[Records contained in a dataset]

Content starts

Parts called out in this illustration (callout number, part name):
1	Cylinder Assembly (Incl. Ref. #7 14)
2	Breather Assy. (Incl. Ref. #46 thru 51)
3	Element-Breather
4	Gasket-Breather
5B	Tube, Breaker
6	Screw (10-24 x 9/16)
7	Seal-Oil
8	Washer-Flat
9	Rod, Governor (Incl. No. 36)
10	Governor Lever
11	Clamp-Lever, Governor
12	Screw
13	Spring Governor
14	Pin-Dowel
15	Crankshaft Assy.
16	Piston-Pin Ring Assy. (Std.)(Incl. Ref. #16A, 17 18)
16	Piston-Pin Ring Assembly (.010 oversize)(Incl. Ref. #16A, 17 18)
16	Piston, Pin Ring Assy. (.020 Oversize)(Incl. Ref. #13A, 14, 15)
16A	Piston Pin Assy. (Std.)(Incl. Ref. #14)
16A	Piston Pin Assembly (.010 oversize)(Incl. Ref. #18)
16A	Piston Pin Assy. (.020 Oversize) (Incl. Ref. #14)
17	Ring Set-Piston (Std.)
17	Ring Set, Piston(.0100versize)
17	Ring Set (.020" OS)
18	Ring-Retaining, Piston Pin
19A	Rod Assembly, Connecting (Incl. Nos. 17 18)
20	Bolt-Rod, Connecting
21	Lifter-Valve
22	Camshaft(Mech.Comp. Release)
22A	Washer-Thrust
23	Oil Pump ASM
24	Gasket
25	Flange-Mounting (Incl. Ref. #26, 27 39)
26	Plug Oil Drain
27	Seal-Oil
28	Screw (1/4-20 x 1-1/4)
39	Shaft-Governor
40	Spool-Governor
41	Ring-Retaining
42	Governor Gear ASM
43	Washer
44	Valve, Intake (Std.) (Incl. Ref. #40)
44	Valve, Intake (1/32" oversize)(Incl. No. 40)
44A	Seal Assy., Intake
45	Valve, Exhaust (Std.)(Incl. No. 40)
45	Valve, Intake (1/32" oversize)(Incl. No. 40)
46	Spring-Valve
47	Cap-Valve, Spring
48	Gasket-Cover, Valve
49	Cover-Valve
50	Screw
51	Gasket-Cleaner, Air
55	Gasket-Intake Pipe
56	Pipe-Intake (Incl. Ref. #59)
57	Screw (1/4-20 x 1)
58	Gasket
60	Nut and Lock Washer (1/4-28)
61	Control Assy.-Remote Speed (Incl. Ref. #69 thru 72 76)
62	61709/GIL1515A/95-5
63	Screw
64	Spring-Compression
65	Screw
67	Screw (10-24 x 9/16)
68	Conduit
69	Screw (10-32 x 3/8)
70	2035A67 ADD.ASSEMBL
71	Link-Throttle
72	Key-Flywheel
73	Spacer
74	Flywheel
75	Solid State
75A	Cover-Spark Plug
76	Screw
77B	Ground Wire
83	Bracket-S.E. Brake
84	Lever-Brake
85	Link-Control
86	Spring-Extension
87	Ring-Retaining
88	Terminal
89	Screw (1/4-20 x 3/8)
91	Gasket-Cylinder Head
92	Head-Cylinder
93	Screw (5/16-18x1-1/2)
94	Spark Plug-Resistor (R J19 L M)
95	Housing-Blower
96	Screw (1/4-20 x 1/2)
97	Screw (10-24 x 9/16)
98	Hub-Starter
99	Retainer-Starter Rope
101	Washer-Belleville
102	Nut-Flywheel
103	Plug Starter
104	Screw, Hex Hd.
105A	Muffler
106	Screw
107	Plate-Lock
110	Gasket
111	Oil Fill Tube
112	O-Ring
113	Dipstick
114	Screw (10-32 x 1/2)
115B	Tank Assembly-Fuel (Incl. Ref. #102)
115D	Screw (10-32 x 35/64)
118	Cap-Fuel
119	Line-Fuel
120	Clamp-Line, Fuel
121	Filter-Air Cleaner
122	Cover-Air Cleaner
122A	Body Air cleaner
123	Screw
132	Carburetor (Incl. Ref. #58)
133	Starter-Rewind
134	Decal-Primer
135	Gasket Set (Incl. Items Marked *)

Content ends

Return the data exactly. Include every record.

Parts called out in this illustration (callout number, part name):
1	Cylinder Assembly (Incl. Ref. #7 14)
2	Breather Assy. (Incl. Ref. #46 thru 51)
3	Element-Breather
4	Gasket-Breather
5B	Tube, Breaker
6	Screw (10-24 x 9/16)
7	Seal-Oil
8	Washer-Flat
9	Rod, Governor (Incl. No. 36)
10	Governor Lever
11	Clamp-Lever, Governor
12	Screw
13	Spring Governor
14	Pin-Dowel
15	Crankshaft Assy.
16	Piston-Pin Ring Assy. (Std.)(Incl. Ref. #16A, 17 18)
16	Piston-Pin Ring Assembly (.010 oversize)(Incl. Ref. #16A, 17 18)
16	Piston, Pin Ring Assy. (.020 Oversize)(Incl. Ref. #13A, 14, 15)
16A	Piston Pin Assy. (Std.)(Incl. Ref. #14)
16A	Piston Pin Assembly (.010 oversize)(Incl. Ref. #18)
16A	Piston Pin Assy. (.020 Oversize) (Incl. Ref. #14)
17	Ring Set-Piston (Std.)
17	Ring Set, Piston(.0100versize)
17	Ring Set (.020" OS)
18	Ring-Retaining, Piston Pin
19A	Rod Assembly, Connecting (Incl. Nos. 17 18)
20	Bolt-Rod, Connecting
21	Lifter-Valve
22	Camshaft(Mech.Comp. Release)
22A	Washer-Thrust
23	Oil Pump ASM
24	Gasket
25	Flange-Mounting (Incl. Ref. #26, 27 39)
26	Plug Oil Drain
27	Seal-Oil
28	Screw (1/4-20 x 1-1/4)
39	Shaft-Governor
40	Spool-Governor
41	Ring-Retaining
42	Governor Gear ASM
43	Washer
44	Valve, Intake (Std.) (Incl. Ref. #40)
44	Valve, Intake (1/32" oversize)(Incl. No. 40)
44A	Seal Assy., Intake
45	Valve, Exhaust (Std.)(Incl. No. 40)
45	Valve, Intake (1/32" oversize)(Incl. No. 40)
46	Spring-Valve
47	Cap-Valve, Spring
48	Gasket-Cover, Valve
49	Cover-Valve
50	Screw
51	Gasket-Cleaner, Air
55	Gasket-Intake Pipe
56	Pipe-Intake (Incl. Ref. #59)
57	Screw (1/4-20 x 1)
58	Gasket
60	Nut and Lock Washer (1/4-28)
61	Control Assy.-Remote Speed (Incl. Ref. #69 thru 72 76)
62	61709/GIL1515A/95-5
63	Screw
64	Spring-Compression
65	Screw
67	Screw (10-24 x 9/16)
68	Conduit
69	Screw (10-32 x 3/8)
70	2035A67 ADD.ASSEMBL
71	Link-Throttle
72	Key-Flywheel
73	Spacer
74	Flywheel
75	Solid State
75A	Cover-Spark Plug
76	Screw
77B	Ground Wire
83	Bracket-S.E. Brake
84	Lever-Brake
85	Link-Control
86	Spring-Extension
87	Ring-Retaining
88	Terminal
89	Screw (1/4-20 x 3/8)
91	Gasket-Cylinder Head
92	Head-Cylinder
93	Screw (5/16-18x1-1/2)
94	Spark Plug-Resistor (R J19 L M)
95	Housing-Blower
96	Screw (1/4-20 x 1/2)
97	Screw (10-24 x 9/16)
98	Hub-Starter
99	Retainer-Starter Rope
101	Washer-Belleville
102	Nut-Flywheel
103	Plug Starter
104	Screw, Hex Hd.
105A	Muffler
106	Screw
107	Plate-Lock
110	Gasket
111	Oil Fill Tube
112	O-Ring
113	Dipstick
114	Screw (10-32 x 1/2)
115B	Tank Assembly-Fuel (Incl. Ref. #102)
115D	Screw (10-32 x 35/64)
118	Cap-Fuel
119	Line-Fuel
120	Clamp-Line, Fuel
121	Filter-Air Cleaner
122	Cover-Air Cleaner
122A	Body Air cleaner
123	Screw
132	Carburetor (Incl. Ref. #58)
133	Starter-Rewind
134	Decal-Primer
135	Gasket Set (Incl. Items Marked *)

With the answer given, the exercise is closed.